Michael Masi is a man under fire at the moment – and now past comments attributed to the Australian are set to increase the scrutiny.
FIA race director Masi was central to the storm that tainted a wild finale to the F1 season in Abu Dhabi, which saw Max Verstappen overtake Lewis Hamilton on the final lap to claim the F1 title in sensational fashion.
After controlling much of the race, Hamilton was seemingly cruising to the chequered flag when he held an 11-second lead over his Dutch rival in the latter stages, only for Williams driver Nicholas Latifi to crash and spark chaos.
A safety car was deployed, at which point Verstappen took the gamble of pitting for fresh tyres.

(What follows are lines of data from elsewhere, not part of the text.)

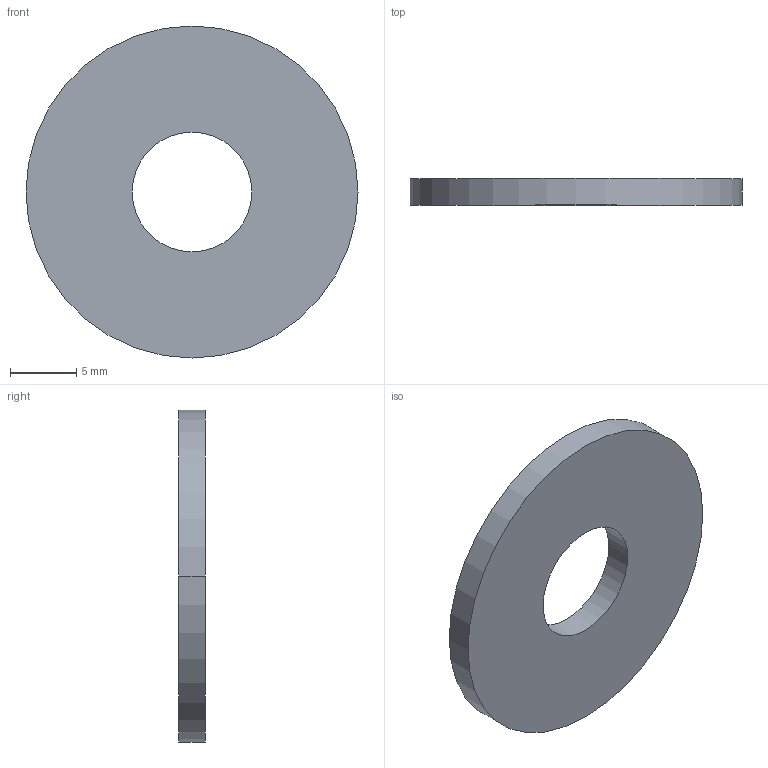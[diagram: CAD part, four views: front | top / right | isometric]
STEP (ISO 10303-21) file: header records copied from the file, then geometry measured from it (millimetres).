
FILE_DESCRIPTION((''),'2;1');
FILE_NAME('SCHEIBE_B_8-4_DIN_9021_ST','2022-06-13T16:16:12',('H041970'),(''),'CREO PARAMETRIC BY PTC INC, 2021284','CREO PARAMETRIC BY PTC INC, 2021284','');
FILE_SCHEMA(('CONFIG_CONTROL_DESIGN'));
Length unit declared in the file: millimetre
Products named in the file (1): SCHEIBE_B_8-4_DIN_9021_ST
Bounding box: 25 x 2 x 25 mm (x, y, z)
Volume: 854.5 mm3; surface area: 1068.1 mm2
Topology: 1 solids, 1 shells, 6 faces, 15 edges, 14 vertices
Faces by surface type: cylinder 4, plane 2
Entity records: 230 total; most frequent: DIRECTION 37, CARTESIAN_POINT 30, ORIENTED_EDGE 24, AXIS2_PLACEMENT_3D 15, EDGE_CURVE 12, VERTEX_POINT 8, EDGE_LOOP 8, CIRCLE 8
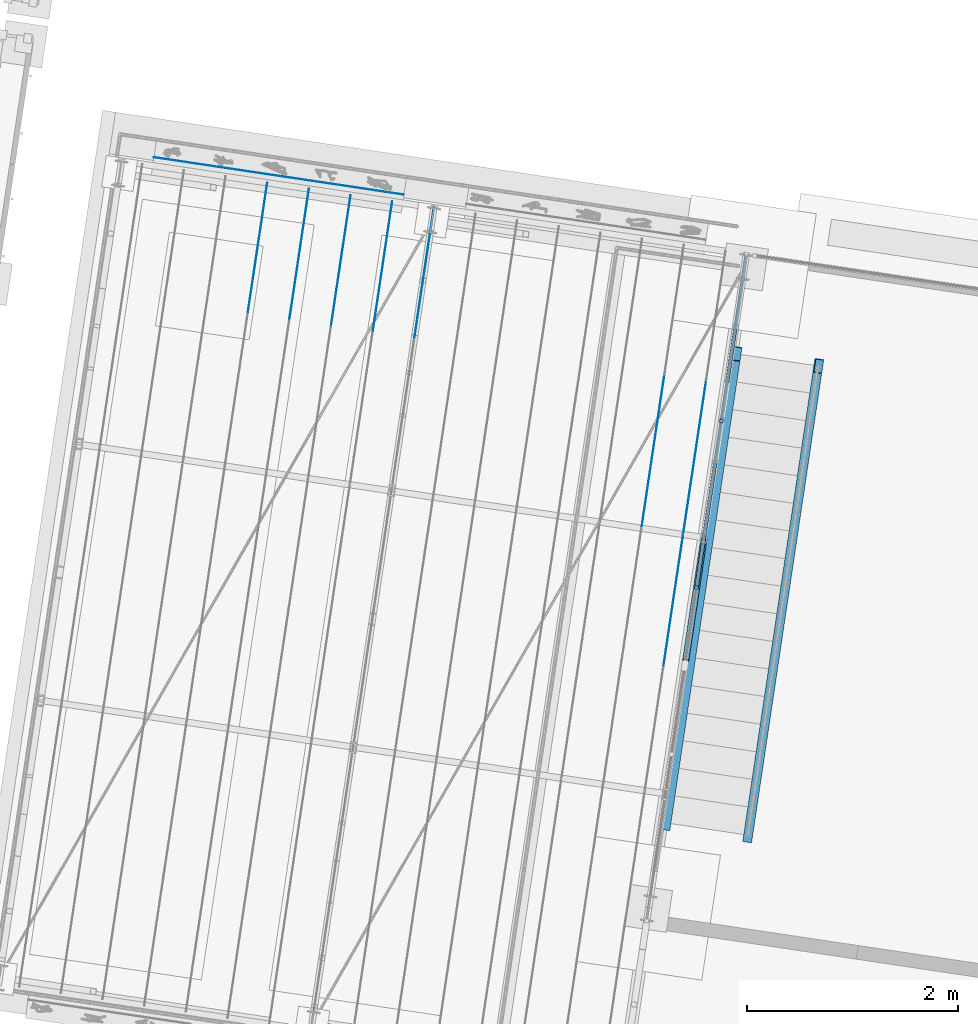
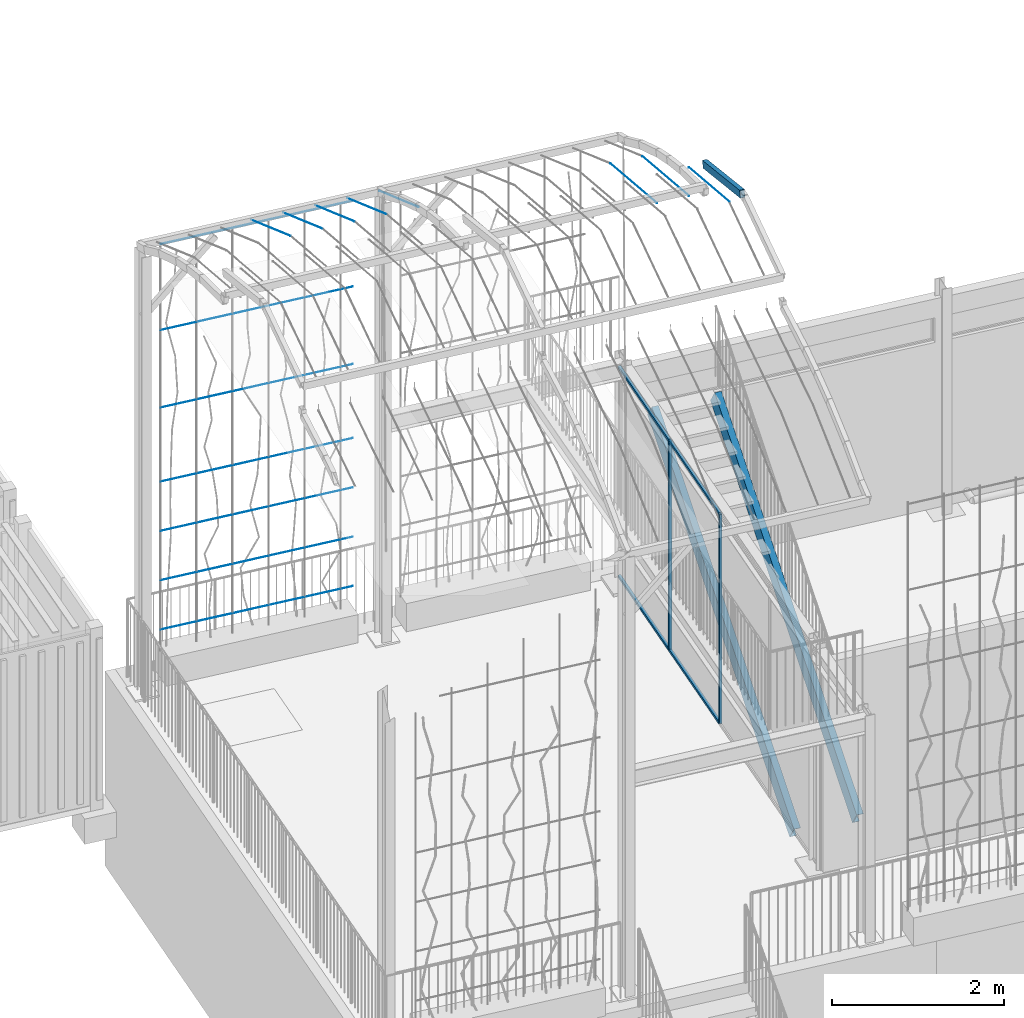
# One storey, part 32 of 142: 26 members, 3 elements without a shape of their own.
"""IFC4 building model written with IfcOpenShell, lengths in metres."""

import ifcopenshell
import ifcopenshell.guid

model = None  # the IFC model being written
_history = None  # IfcOwnerHistory: only IFC2X3 demands one
_inside = {}  # id of a spatial element -> (the spatial element, [elements in it])
_under = {}  # id of a project, library or spatial element -> (it, [spatial elements below it])
_declared = {}  # id of a project -> (the project, [libraries it declares])
_typed = {}  # id of a type object -> (the type object, [elements of that type])
_made_of = {}  # id of a material, layer set ... -> (it, [elements and type objects made of it])


def new_model(schema):
    """Start an empty IFC model of exactly this schema.

    Asked for "IFC4X3", IfcOpenShell would pick the latest addendum, in which some entities
    have other attributes; the version numbers below select the first issue.
    IFC2X3 requires an IfcOwnerHistory on every rooted entity: one is made here for all.
    """
    global model, _history
    if schema == "IFC4X3":
        model = ifcopenshell.file(schema_version=(4, 3, 0, 0))
    else:
        model = ifcopenshell.file(schema=schema)
    _inside.clear()
    _under.clear()
    _declared.clear()
    _typed.clear()
    _made_of.clear()
    _history = None
    if model.schema == "IFC2X3":
        org = make("IfcOrganization", Name="unknown")
        user = make(
            "IfcPersonAndOrganization",
            ThePerson=make("IfcPerson", FamilyName="unknown"),
            TheOrganization=org,
        )
        app = make(
            "IfcApplication",
            ApplicationDeveloper=org,
            Version="unknown",
            ApplicationFullName="unknown",
            ApplicationIdentifier="unknown",
        )
        _history = make(
            "IfcOwnerHistory",
            OwningUser=user,
            OwningApplication=app,
            ChangeAction="ADDED",
            CreationDate=0,
        )
    return model


def make(cls, **values):
    """One entity of the class cls with the attributes given. An attribute that is None is left unset."""
    return model.create_entity(
        cls, **{name: value for name, value in values.items() if value is not None}
    )


def rooted(cls, **values):
    """An entity with a GlobalId (a new one), such as an element, a storey or a relation."""
    return make(cls, GlobalId=ifcopenshell.guid.new(), OwnerHistory=_history, **values)


def si_unit(unit_type, name, prefix=None):
    """IfcSIUnit, for example si_unit("LENGTHUNIT", "METRE", prefix="MILLI")."""
    return make("IfcSIUnit", UnitType=unit_type, Prefix=prefix, Name=name)


def assignment(units):
    """IfcUnitAssignment: the units of a project."""
    return None if units is None else make("IfcUnitAssignment", Units=units)


def point(xyz):
    """IfcCartesianPoint."""
    return None if xyz is None else make("IfcCartesianPoint", Coordinates=xyz)


def direction(xyz):
    """IfcDirection."""
    return None if xyz is None else make("IfcDirection", DirectionRatios=xyz)


def frame(location, z_axis=None, x_axis=None):
    """IfcAxis2Placement3D, a coordinate frame: its origin and axes. An axis left out is left unset."""
    return make(
        "IfcAxis2Placement3D",
        Location=point(location),
        Axis=direction(z_axis),
        RefDirection=direction(x_axis),
    )


def origin_with_axes():
    """The frame at (0, 0, 0) with the z axis (0, 0, 1) and the x axis (1, 0, 0) written out."""
    return frame((0.0, 0.0, 0.0), z_axis=(0.0, 0.0, 1.0), x_axis=(1.0, 0.0, 0.0))


def place(relative_to, where):
    """IfcLocalPlacement: puts the frame where relative to a parent placement (None: the world)."""
    return make(
        "IfcLocalPlacement", PlacementRelTo=relative_to, RelativePlacement=where
    )


def context(
    kind, dimensions, precision=None, world=None, true_north=None, identifier=None
):
    """IfcGeometricRepresentationContext, for example the 3D "Model" context."""
    return make(
        "IfcGeometricRepresentationContext",
        ContextIdentifier=identifier,
        ContextType=kind,
        CoordinateSpaceDimension=dimensions,
        Precision=precision,
        WorldCoordinateSystem=world,
        TrueNorth=true_north,
    )


def subcontext(parent, identifier, kind, view, scale=None):
    """IfcGeometricRepresentationSubContext, for example "Body" below "Model"."""
    return make(
        "IfcGeometricRepresentationSubContext",
        ContextIdentifier=identifier,
        ContextType=kind,
        ParentContext=parent,
        TargetScale=scale,
        TargetView=view,
    )


def project(units=None, contexts=None):
    """IfcProject with its units and contexts."""
    return rooted(
        "IfcProject",
        Name="project",
        RepresentationContexts=contexts,
        UnitsInContext=assignment(units),
    )


def spatial(cls, under=None, at=None, **own):
    """A site, building, storey or space (cls), placed at a placement, below another one or the project."""
    s = rooted(cls, ObjectPlacement=at, **own)
    if under is not None:
        _under.setdefault(under.id(), (under, []))[1].append(s)
    return s


def polyline(points):
    """IfcPolyline through the points."""
    return make("IfcPolyline", Points=[point(p) for p in points])


def profile(cls, at=None, kind="AREA", **sizes):
    """A parametric profile (cls). Its sizes go by their IFC names, for example OverallWidth=200.0."""
    return make(cls, ProfileType=kind, Position=at, **sizes)


def rectangle(**sizes):
    """IfcRectangleProfileDef."""
    return profile("IfcRectangleProfileDef", **sizes)


def hollow_rectangle(**sizes):
    """IfcRectangleHollowProfileDef."""
    return profile("IfcRectangleHollowProfileDef", **sizes)


def circle(**sizes):
    """IfcCircleProfileDef."""
    return profile("IfcCircleProfileDef", **sizes)


def outline(outer, holes=None, kind="AREA"):
    """IfcArbitraryClosedProfileDef: a profile drawn as a closed curve; with holes, ...WithVoids."""
    if holes is None:
        return make("IfcArbitraryClosedProfileDef", ProfileType=kind, OuterCurve=outer)
    return make(
        "IfcArbitraryProfileDefWithVoids",
        ProfileType=kind,
        OuterCurve=outer,
        InnerCurves=holes,
    )


def extrude(swept, where, along, depth):
    """IfcExtrudedAreaSolid: the profile swept, set in the frame where, extruded along a direction by depth."""
    return make(
        "IfcExtrudedAreaSolid",
        SweptArea=swept,
        Position=where,
        ExtrudedDirection=direction(along),
        Depth=depth,
    )


def shape(context_of_items, identifier, shape_type, items):
    """IfcShapeRepresentation: the items that make up one representation, for example the "Body"."""
    return make(
        "IfcShapeRepresentation",
        ContextOfItems=context_of_items,
        RepresentationIdentifier=identifier,
        RepresentationType=shape_type,
        Items=items,
    )


def material(Name=None, Category=None):
    """IfcMaterial."""
    return make("IfcMaterial", Name=Name, Category=Category)


def material_profile(
    of_material, cross_section, Name=None, Category=None, Priority=None
):
    """IfcMaterialProfile: a cross section and its material."""
    return make(
        "IfcMaterialProfile",
        Name=Name,
        Material=of_material,
        Profile=cross_section,
        Priority=Priority,
        Category=Category,
    )


def profile_set(profiles, Name=None, composite=None):
    """IfcMaterialProfileSet."""
    return make(
        "IfcMaterialProfileSet",
        Name=Name,
        MaterialProfiles=profiles,
        CompositeProfile=composite,
    )


def profile_usage(for_profile_set, cardinal=None, extent=None):
    """IfcMaterialProfileSetUsage: how a profile set lies along its element."""
    return make(
        "IfcMaterialProfileSetUsage",
        ForProfileSet=for_profile_set,
        CardinalPoint=cardinal,
        ReferenceExtent=extent,
    )


def made_of(thing, what):
    """Note that an element or type object is made of a material, layer set ...; save() writes the relation."""
    if what is not None:
        _made_of.setdefault(what.id(), (what, []))[1].append(thing)
    return thing


def type_object(cls, material=None, **own):
    """A type object (cls), such as IfcWallType, which elements share."""
    return made_of(rooted(cls, **own), material)


def element(
    cls,
    number,
    at=None,
    inside=None,
    cuts=None,
    type_object=None,
    material=None,
    context=None,
    identifier="Body",
    shape_type=None,
    held_by="IfcProductDefinitionShape",
    body=None,
    shapes=None,
    **own,
):
    """One element of the class cls, such as IfcWall. Its Tag is "e" and its number.

    at: its placement. inside: the storey or other place that contains it. cuts: it is an
    opening in that element (IfcRelVoidsElement). A single representation is given by context,
    identifier, shape_type and body (its items); several are given by shapes. held_by: the class
    of the entity that holds the representations. save() writes the other relations.
    """
    e = rooted(cls, Tag="e%d" % number, ObjectPlacement=at, **own)
    if body is not None:
        shapes = [shape(context, identifier, shape_type, body)]
    if shapes is not None:
        e.Representation = make(held_by, Representations=shapes)
    if inside is not None:
        _inside.setdefault(inside.id(), (inside, []))[1].append(e)
    if cuts is not None:
        rooted(
            "IfcRelVoidsElement", RelatingBuildingElement=cuts, RelatedOpeningElement=e
        )
    if type_object is not None:
        _typed.setdefault(type_object.id(), (type_object, []))[1].append(e)
    return made_of(e, material)


def aggregate(whole, parts):
    """IfcRelAggregates: a whole, such as a stair, and the parts it consists of."""
    return rooted("IfcRelAggregates", RelatingObject=whole, RelatedObjects=parts)


def save(model, path):
    """Write the relations noted so far, then the file.

    IfcRelAggregates (storeys below a building ...), IfcRelContainedInSpatialStructure (elements
    in a storey), IfcRelDefinesByType, IfcRelAssociatesMaterial and IfcRelDeclares: one each for
    every whole, place, type object, material and project.
    """
    for whole, parts in _under.values():
        aggregate(whole, parts)
    for where, things in _inside.values():
        rooted(
            "IfcRelContainedInSpatialStructure",
            RelatedElements=things,
            RelatingStructure=where,
        )
    for kind, things in _typed.values():
        rooted("IfcRelDefinesByType", RelatedObjects=things, RelatingType=kind)
    for what, things in _made_of.values():
        rooted("IfcRelAssociatesMaterial", RelatedObjects=things, RelatingMaterial=what)
    for by, libraries in _declared.values():
        rooted("IfcRelDeclares", RelatingContext=by, RelatedDefinitions=libraries)
    model.write(path)


model = new_model("IFC4")

# Units and contexts
model_context = context("Model", 3, precision=1e-05, world=origin_with_axes(), true_north=direction((0.0, 1.0)))
body_context = subcontext(model_context, "Body", "Model", "MODEL_VIEW")
ifc_project = project(units=[si_unit("VOLUMEUNIT", "CUBIC_METRE"), si_unit("LENGTHUNIT", "METRE"), si_unit("AREAUNIT", "SQUARE_METRE")], contexts=[model_context])

# Site, building, storey
site_placement = place(None, origin_with_axes())
site = spatial("IfcSite", under=ifc_project, at=site_placement, Name="Lares · Rua das Mercês · artigo 4771")
building_placement = place(site_placement, frame((12.0, 10.2, 13.9), z_axis=(0.0, 0.0, 1.0), x_axis=(0.989015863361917, -0.147809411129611, 0.0)))
building = spatial("IfcBuilding", under=site, at=building_placement, Name="Casa Sobreposta")
storey_placement = place(building_placement, origin_with_axes())
storey = spatial("IfcBuildingStorey", under=building, at=storey_placement, Name="00 · Habitação e estacionamento", Elevation=13.9)

# Members
ifc_material_1 = material(Name="Aço pintado / Stahl lackiert", Category="steel")
ifc_material_profile_1 = material_profile(ifc_material_1, rectangle(XDim=0.035, YDim=0.035))
ifc_profile_set_1 = profile_set([ifc_material_profile_1], Name="R0.035")
ifc_profile_usage_1 = profile_usage(ifc_profile_set_1)
member_type_1 = type_object("IfcMemberType", Name="R0.035 / steel", PredefinedType="NOTDEFINED", material=ifc_profile_set_1)
member_1_placement = place(storey_placement, frame((0.0, 3.2, 0.0), z_axis=(0.0, 0.0, 1.0), x_axis=(1.0, 0.0, 0.0)))
element("IfcMember", 1, at=member_1_placement, inside=storey, type_object=member_type_1, material=ifc_profile_usage_1, context=body_context, shape_type="SweptSolid", body=[
    extrude(rectangle(XDim=0.035, YDim=0.035), origin_with_axes(), (0.0, 0.0, 1.0), 2.968),
])
ifc_profile_usage_2 = profile_usage(ifc_profile_set_1)
member_2_placement = place(storey_placement, frame((0.0, 3.2, 0.0), z_axis=(0.0, 0.0, 1.0), x_axis=(1.0, 0.0, 0.0)))
element("IfcMember", 2, at=member_2_placement, inside=storey, type_object=member_type_1, material=ifc_profile_usage_2, context=body_context, shape_type="SweptSolid", body=[
    extrude(rectangle(XDim=0.035, YDim=0.035), origin_with_axes(), (0.0, 0.0, 1.0), 2.968),
])
ifc_profile_usage_3 = profile_usage(ifc_profile_set_1)
member_3_placement = place(storey_placement, frame((0.0, 4.8, 0.0), z_axis=(0.0, 0.0, 1.0), x_axis=(1.0, 0.0, 0.0)))
element("IfcMember", 3, at=member_3_placement, inside=storey, type_object=member_type_1, material=ifc_profile_usage_3, context=body_context, shape_type="SweptSolid", body=[
    extrude(rectangle(XDim=0.035, YDim=0.035), origin_with_axes(), (0.0, 0.0, 1.0), 2.968),
])
ifc_profile_usage_4 = profile_usage(ifc_profile_set_1)
member_4_placement = place(storey_placement, frame((0.0, 3.2, 0.0), z_axis=(0.0, 1.0, 0.0), x_axis=(1.0, 0.0, 0.0)))
element("IfcMember", 4, at=member_4_placement, inside=storey, type_object=member_type_1, material=ifc_profile_usage_4, Name="Fachada poente integralmente envidraçada · módulo 3 · travessa", context=body_context, shape_type="SweptSolid", body=[
    extrude(rectangle(XDim=0.035, YDim=0.035), origin_with_axes(), (0.0, 0.0, 1.0), 1.6),
])
ifc_profile_usage_5 = profile_usage(ifc_profile_set_1)
member_5_placement = place(storey_placement, frame((0.0, 3.2, 2.968), z_axis=(0.0, 1.0, 0.0), x_axis=(1.0, 0.0, 0.0)))
element("IfcMember", 5, at=member_5_placement, inside=storey, type_object=member_type_1, material=ifc_profile_usage_5, Name="Fachada poente integralmente envidraçada · módulo 3 · travessa", context=body_context, shape_type="SweptSolid", body=[
    extrude(rectangle(XDim=0.035, YDim=0.035), origin_with_axes(), (0.0, 0.0, 1.0), 1.6),
])
ifc_profile_usage_6 = profile_usage(ifc_profile_set_1)
member_6_placement = place(storey_placement, frame((0.0, 4.8, 0.0), z_axis=(0.0, 0.0, 1.0), x_axis=(1.0, 0.0, 0.0)))
element("IfcMember", 6, at=member_6_placement, inside=storey, type_object=member_type_1, material=ifc_profile_usage_6, context=body_context, shape_type="SweptSolid", body=[
    extrude(rectangle(XDim=0.035, YDim=0.035), origin_with_axes(), (0.0, 0.0, 1.0), 2.968),
])
ifc_profile_usage_7 = profile_usage(ifc_profile_set_1)
member_7_placement = place(storey_placement, frame((0.0, 4.8, 0.0), z_axis=(0.0, 1.0, 0.0), x_axis=(1.0, 0.0, 0.0)))
element("IfcMember", 7, at=member_7_placement, inside=storey, type_object=member_type_1, material=ifc_profile_usage_7, Name="Fachada poente integralmente envidraçada · módulo 4 · travessa", context=body_context, shape_type="SweptSolid", body=[
    extrude(rectangle(XDim=0.035, YDim=0.035), origin_with_axes(), (0.0, 0.0, 1.0), 1.6),
])
ifc_profile_usage_8 = profile_usage(ifc_profile_set_1)
member_8_placement = place(storey_placement, frame((0.0, 4.8, 2.968), z_axis=(0.0, 1.0, 0.0), x_axis=(1.0, 0.0, 0.0)))
element("IfcMember", 8, at=member_8_placement, inside=storey, type_object=member_type_1, material=ifc_profile_usage_8, Name="Fachada poente integralmente envidraçada · módulo 4 · travessa", context=body_context, shape_type="SweptSolid", body=[
    extrude(rectangle(XDim=0.035, YDim=0.035), origin_with_axes(), (0.0, 0.0, 1.0), 1.6),
])

# Stair, members
stair_placement = place(storey_placement, origin_with_axes())
stair = element("IfcStair", 9, at=stair_placement, inside=storey, Name="Escada sala", PredefinedType="STRAIGHT_RUN_STAIR")
ifc_material_profile_2 = material_profile(ifc_material_1, outline(polyline([(-0.0425, -0.12), (0.0425, -0.12), (0.0425, -0.1102), (-0.0325, -0.1102), (-0.0325, 0.1102), (0.0425, 0.1102), (0.0425, 0.12), (-0.0425, 0.12), (-0.0425, -0.12)])))
ifc_profile_set_2 = profile_set([ifc_material_profile_2], Name="C240")
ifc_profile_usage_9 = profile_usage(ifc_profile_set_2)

However, that move appeared futile when Masi, 42, instructed that lapped cars could not overtake the safety vehicle, only to then change his mind on the penultimate lap having been pressured by Christian Horner.
Critically however, it was only the five cars between Hamilton and Verstappen permitted to do so, and the Red Bull man was able to get on Hamilton's tail and on newer tyres, he duly seared past the British driver during a one-lap shootout.
Masi's actions left Mercedes furious, and led to widespread accusations that the Australian deliberately manufactured an exciting finale to benefit the spectacle.
Two subsequent protests from Toto Wolff's team were rejected, with the team then immediately signalling an intent to appeal. They will have until Thursday to do so.
And now more scrutiny is likely to fall on Masi with his decision starkly contrasting his stance taken at the Eifel Grand Prix In Germany, back in October 2020.
In that race, McLaren driver Lando Norris was left in a precarious position after a power unit issue prompted smoke and fire to come from his car, and Masi was later criticised for ordering a safety car and then allowing it to stay out for a prolonged period.
”There’s a requirement in the sporting regulations to wave all the lapped cars past,” he later told Motorsport Week.
“From that point, it was position six onwards that were still running [on the lead lap], so between 10 or 11 cars had to unlap themselves.
“Therefore the safety car period was a bit longer than what we would have normally expected.”
Had that apparent precedent been implemented on Sunday, and all lapped cars been allowed to unlap themselves, there would not have been time for the safety car to leave the track ahead of that dramatic final lap.
Masi's comments potentially leave Masi open to further criticism as the fall out from the Yas Marina rages on.